I used to eat this salad when I worked at M Cafe in Los Angeles, and though it wasn’t my absolute favorite, I still liked it and ate it frequently. This is probably the only way you could ever get me to eat dandelion greens. The tahini dressing is really nutty and creamy, and the sweet caramelized onions are a great compliment to the bitter greens. It really is a tasty salad, and if you like bitter greens you will like this dish a lot.

Dandelion, albeit gross, is really good for you. It’s one of those cancer-fighting, antioxidant, calcium-rich superfoods. So I kind of forced myself to eat it… and truthfully I picked some of it out. I like everything in this salad but the damn dandelion. Honestly when I make it again I will probably swap it out for some Tuscan kale.

So since I made this salad sound so good, I’m sure you really want to make it now :). But it’s worth a try, it’s easy and doesn’t require a lot of chopping.
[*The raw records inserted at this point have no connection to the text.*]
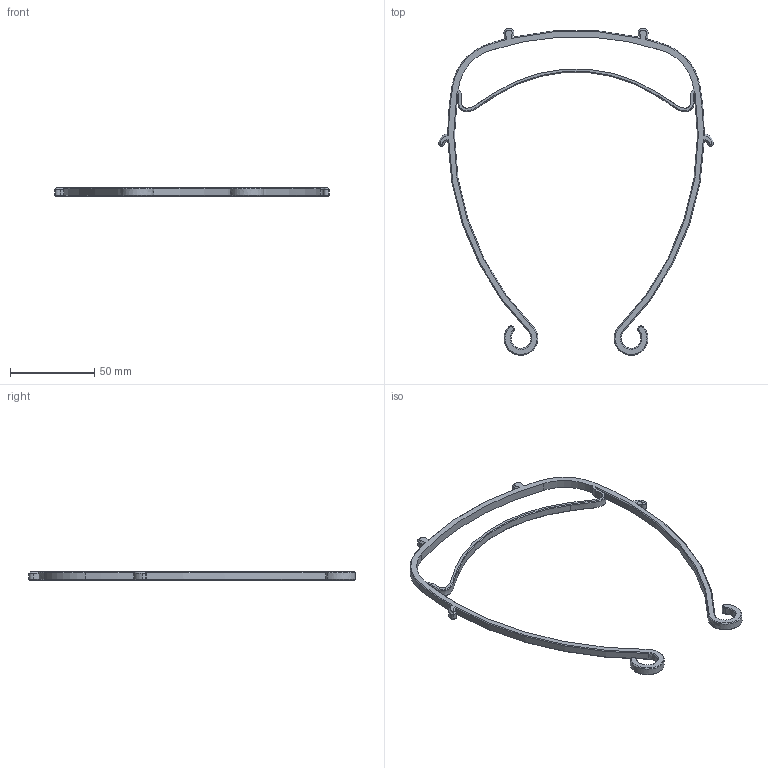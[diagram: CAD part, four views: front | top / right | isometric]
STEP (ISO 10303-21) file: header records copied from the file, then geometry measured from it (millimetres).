
FILE_DESCRIPTION((''),'2;1');
FILE_NAME('VERKSTAN_A4_EO','2020-04-07T20:28:34',('Jason'),(''),'CREO PARAMETRIC BY PTC INC, 2019224','CREO PARAMETRIC BY PTC INC, 2019224','');
FILE_SCHEMA(('CONFIG_CONTROL_DESIGN'));
Length unit declared in the file: millimetre
Products named in the file (1): VERKSTAN_A4_EO
Bounding box: 163.03 x 193.79 x 5 mm (x, y, z)
Volume: 13110.8 mm3; surface area: 12179.3 mm2
Topology: 1 solids, 1 shells, 144 faces, 346 edges, 204 vertices
Faces by surface type: cone 56, cylinder 36, plane 32, bspline 12, extrusion 8
Entity records: 6512 total; most frequent: CARTESIAN_POINT 3222, ORIENTED_EDGE 692, DIRECTION 658, EDGE_CURVE 346, AXIS2_PLACEMENT_3D 248, VERTEX_POINT 204, VECTOR 162, LINE 154

I served it with the Eggplant Tabbouleh I wrote about last week and it was the perfect compliment. So if I haven’t scared you away yet, copy, paste and print (someday I will figure out how to make a print button for these recipes, I promise).

M Cafe’s Chickpea & Dandelion Salad

For Tahini-Lemon Dressing:

  • 2 T sesame tahini
  • 1/2 cup extra virgin olive oil
  • 1/4 cup + 2 T fresh lemon juice
  • 1 clove fresh garlic, minced
  • 1/2 teaspoon ground cumin
  • Pinch of cayenne pepper
  • 1/4 teaspoon sea salt
  • Pinch of freshly ground black pepper

For Frizzled Onions:

  • 3 tablespoons olive oil
  • 1 yellow onion, cut into paper-thin half moons

For Salad:

  • 2 15-ounce cans organic chickpeas, drained
  • 1 cup red Bhutanese rice (or short grain brown rice), cooked
  • 2 cups celery hearts and inside leaves, sliced thin
  • 3 cups fresh dandelion greens, washed, dried and chopped
  • Pinch of sea salt
  • Pinch of freshly ground black pepper

Directions

For Tahini-Lemon Dressing:
Combine the tahini, extra virgin olive oil, lemon juice, garlic, cumin, cayenne pepper, sea salt and black pepper in the mixing bowl. Adjust dressing with additional sea salt, black pepper or lemon juice, to taste.

For Frizzled Onions:
Heat the olive oil in a frying pan, and add the yellow onions. Fry the onions over medium heat until golden brown and “frizzled.” Transfer to absorbent toweling to drain excess oil. Season with sea salt and reserve.

For Salad:
Combine the chickpeas, cooked rice, celery hearts and dandelion greens in a mixing bowl. Add 2 to 3 tablespoons of frizzled onions to bowl. Moisten salad with about 1/2 of a cup of the Tahini-Lemon Dressing and mix well to combine. Taste salad, and adjust with additional dressing, sea salt and black pepper as needed. Transfer salad to serving bowl or platter and drizzle additional dressing, if desired. Top with additional frizzled onions to garnish. Serves 8.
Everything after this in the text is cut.